Das „kostete“ den DAX allein 700 Punkte binnen zwei Stunden. Die allwissenden Experten glaubten von Tag zu Tag an die eine neue Geldschwemme ganz fest, so fest wie ein Verband um den Oberarm eines Junkies vor der nächsten Injektion. Zum Börsenfeste nur das Beste! Hat sich jemand für den Unsinn entschuldigt?

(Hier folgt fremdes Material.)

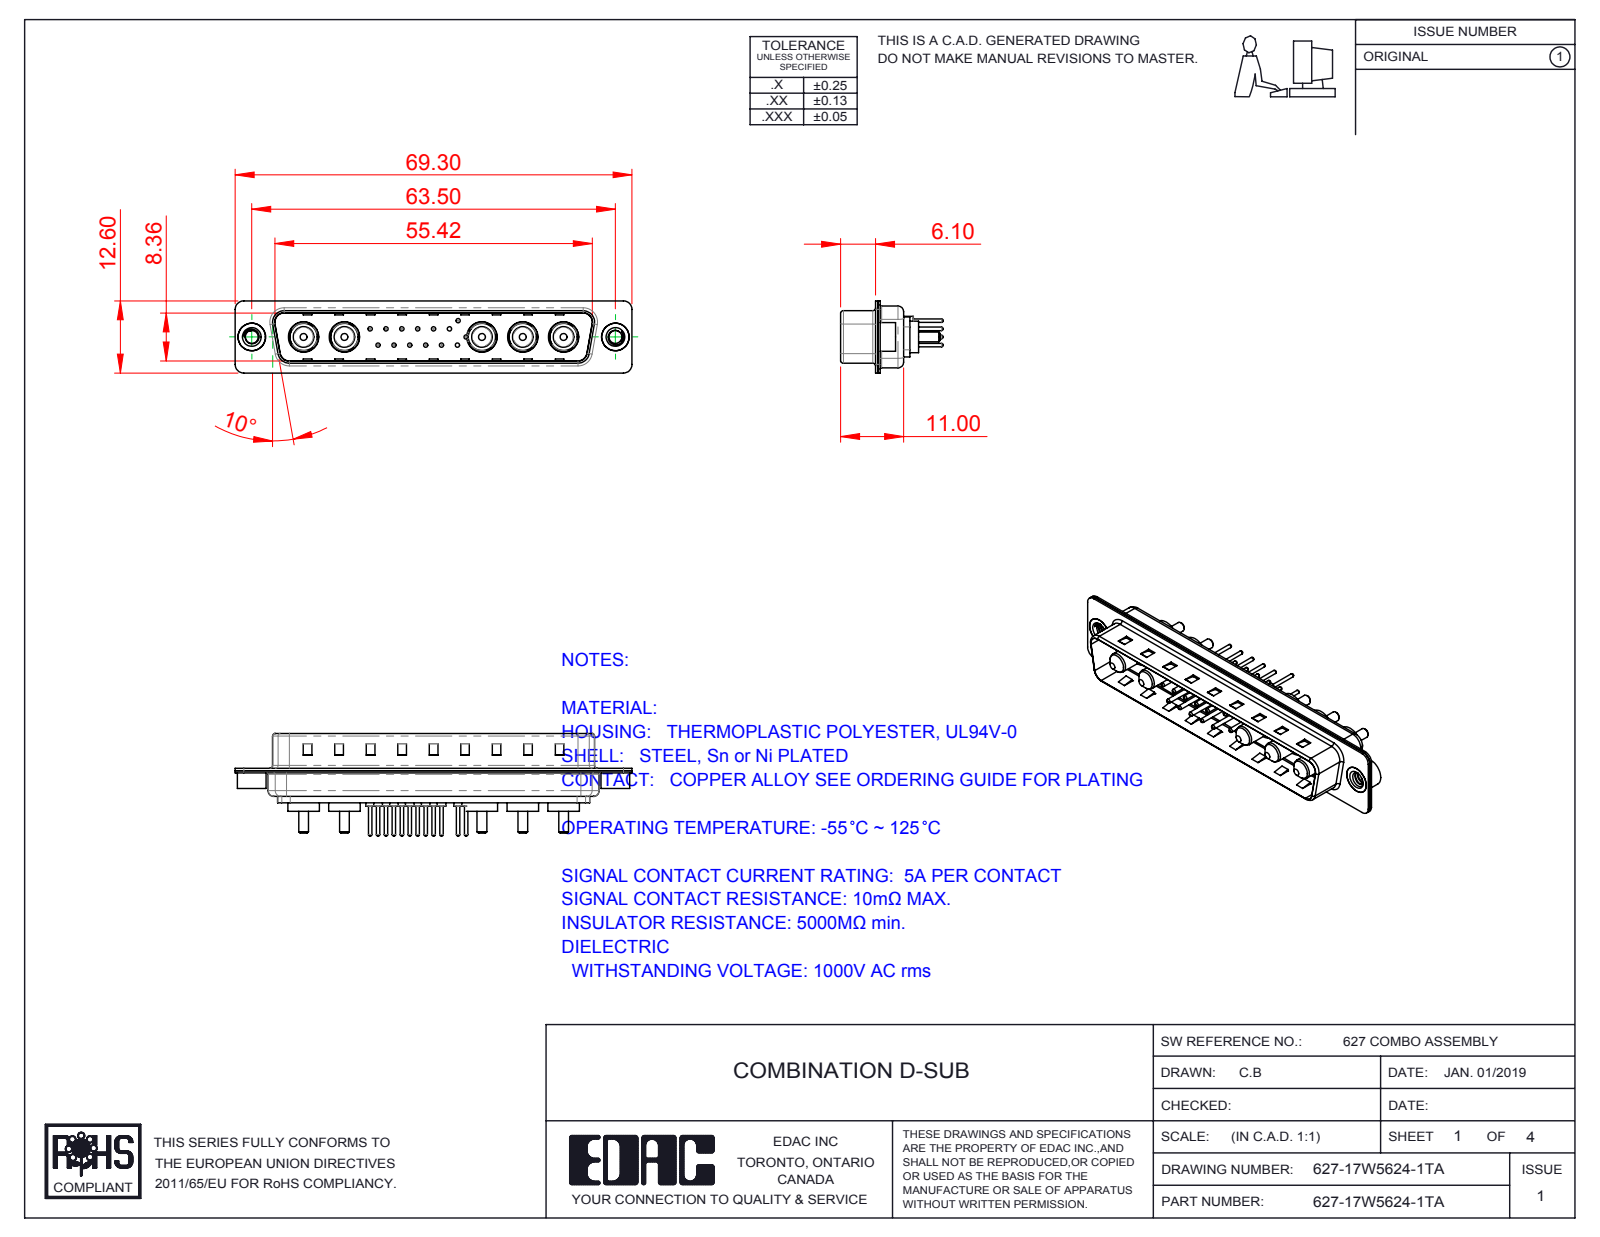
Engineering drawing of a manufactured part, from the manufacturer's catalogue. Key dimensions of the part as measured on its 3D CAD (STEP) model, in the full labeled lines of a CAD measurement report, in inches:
Part name (STEP PRODUCT): 627Combo Housing_17W5; 627Combo Threaded Rivet_A; 627Combo Contact Row 1_24; 627Combo Threaded Rivet_2 (+5 more)
STEP written by: SolidWorks 2016 (CONFIG_CONTROL_DESIGN)
Units: inches
Bodies: 27 solids, 1055 faces (337 planar, 405 cylindrical, 313 other)
Overall size (bounding box): 2.728 × 0.705 × 0.496
Volume: 0.246 in³ · Surface area: 14.01 in²
Round holes (diameter × count): ⌀0.03 ×12, ⌀0.063 ×12, ⌀0.079 ×12, ⌀0.191 ×5, ⌀0.209 ×5, ⌀0.089 ×2, ⌀0.157 ×2, ⌀0.189 ×2
Round bosses / shafts (diameter × count): ⌀0.059 ×12, ⌀0.024 ×12, ⌀0.217 ×5, ⌀0.205 ×5, ⌀0.187 ×5, ⌀0.148 ×5, ⌀0.142 ×5, ⌀0.067 ×5
Partial cylindrical surfaces — rounded edges, fillets, slot ends (radius × count): R0.059 ×16, R0.079 ×12, R0.02 ×8, R0.063 ×8, R0.083 ×5, R0.01 ×4, R0.024 ×4, R0.026 ×4
Main face-to-face distances: 0.016, 0.032, 0.377, 0.345, 0.059, 0.22, 0.048, 0.393, 0.017, 0.361
Hole centre spacings: 0.124, 0.109, 0.218, 0.198, 0.327, 0.198, 0.295, 0.281
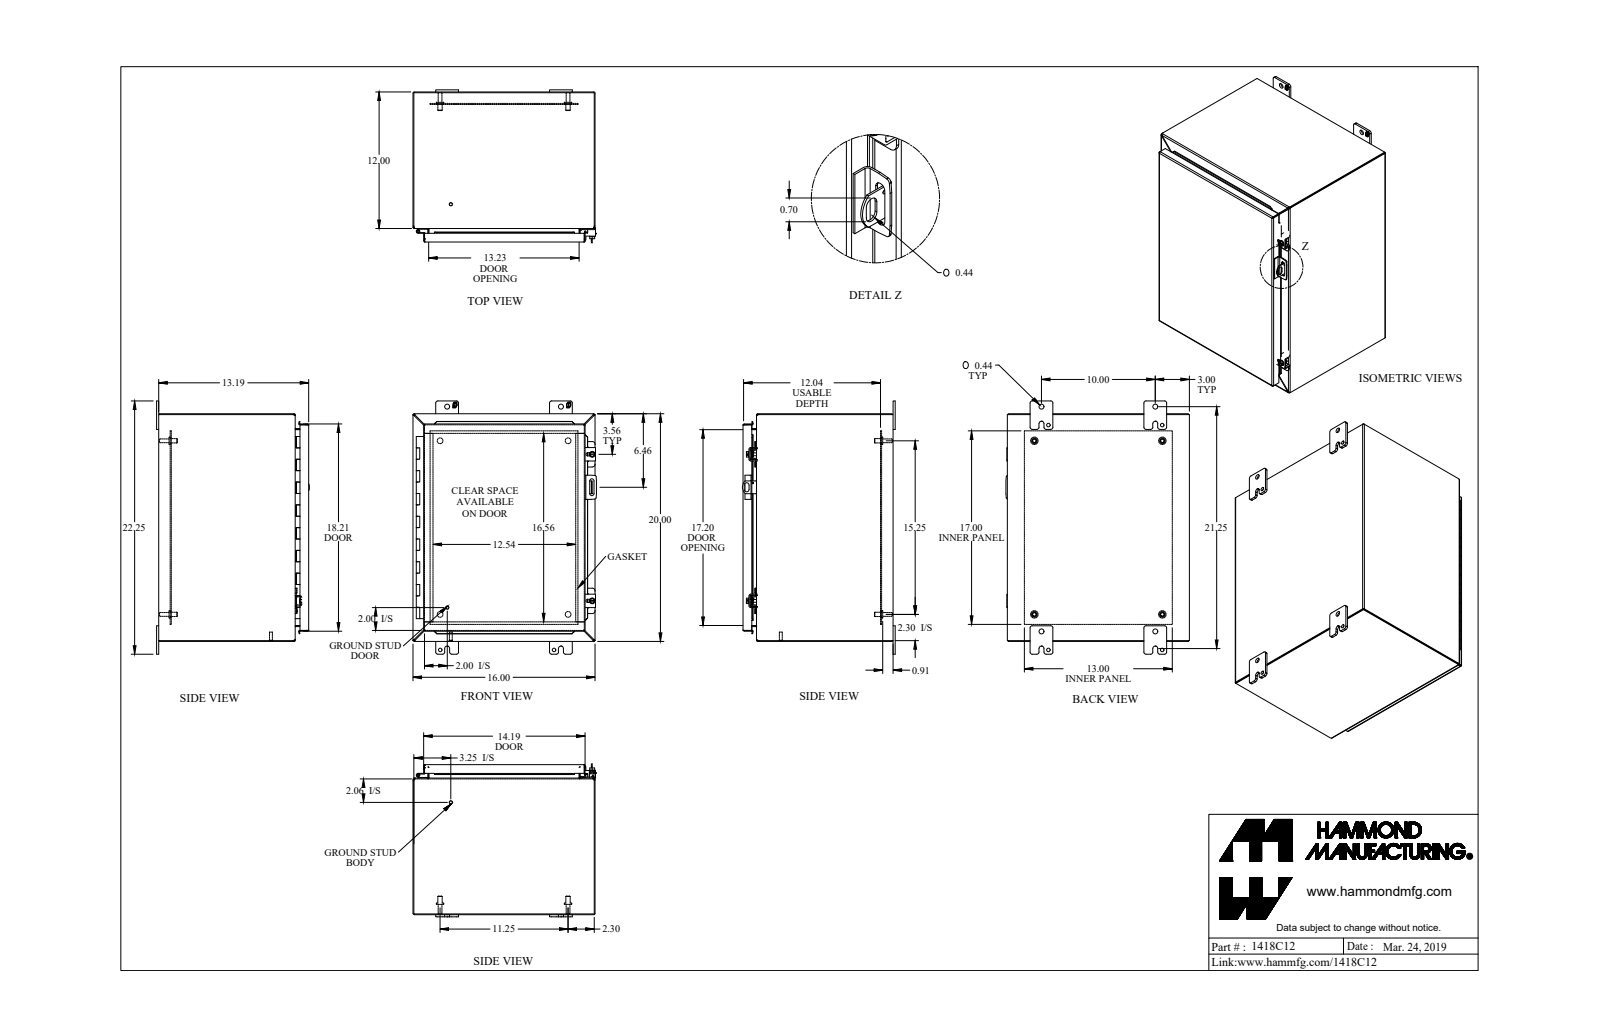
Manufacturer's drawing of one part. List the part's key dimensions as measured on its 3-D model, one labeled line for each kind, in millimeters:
Part name (STEP PRODUCT): 1418C12
STEP written by: SolidWorks 2019 (AUTOMOTIVE_DESIGN)
Units: millimetres
Bodies: 40 solids, 966 faces (651 planar, 255 cylindrical, 60 other)
Overall size (bounding box): 565.2 × 409.6 × 341.3
Volume: 2 561 000 mm³ · Surface area: 2 653 000 mm²
Round holes (diameter × count): ⌀8 ×4, ⌀11.1 ×4, ⌀12.7 ×4, ⌀5.4 ×2, ⌀6.7 ×2, ⌀7.8 ×2, ⌀9.5 ×2, ⌀11.3 ×2, ⌀3.2 ×1, ⌀4.7 ×1
Round bosses / shafts (diameter × count): ⌀16.5 ×4, ⌀9.5 ×4, ⌀8.4 ×4, ⌀25.4 ×2, ⌀12.7 ×2, ⌀9.9 ×2, ⌀7.1 ×2, ⌀6.4 ×2
Partial cylindrical surfaces — rounded edges, fillets, slot ends (radius × count): R4.8 ×26, R0.9 ×18, R2.7 ×18, R1.2 ×13, R3.6 ×13, R6.4 ×12, R0.2 ×8, R1 ×8
Main face-to-face distances: 1.8, 333.1, 404.6, 506.2, 331.2, 23.8, 334.9, 25.6, 402.7, 406.4
Hole centre spacings: 254, 481.4, 44.1, 77.9, 272.5, 285.8, 425.8, 501.7

Dabei war es klar. Der Euro soll künftig eine stärkere Weichwährung werden. Hä? Schwache Währungen sind ja gute bzw. starke Währungen. Nein? Entsprechend stieg der DAX. Wahrscheinlich aus Angst als aus Freude. Nach oben ging es jedoch mühsam über die Treppe und rasant dann abwärts mit dem Fahrstuhl bzw. über den Balkon – wie sich eben Geldsüchtige unter Entzug verhalten.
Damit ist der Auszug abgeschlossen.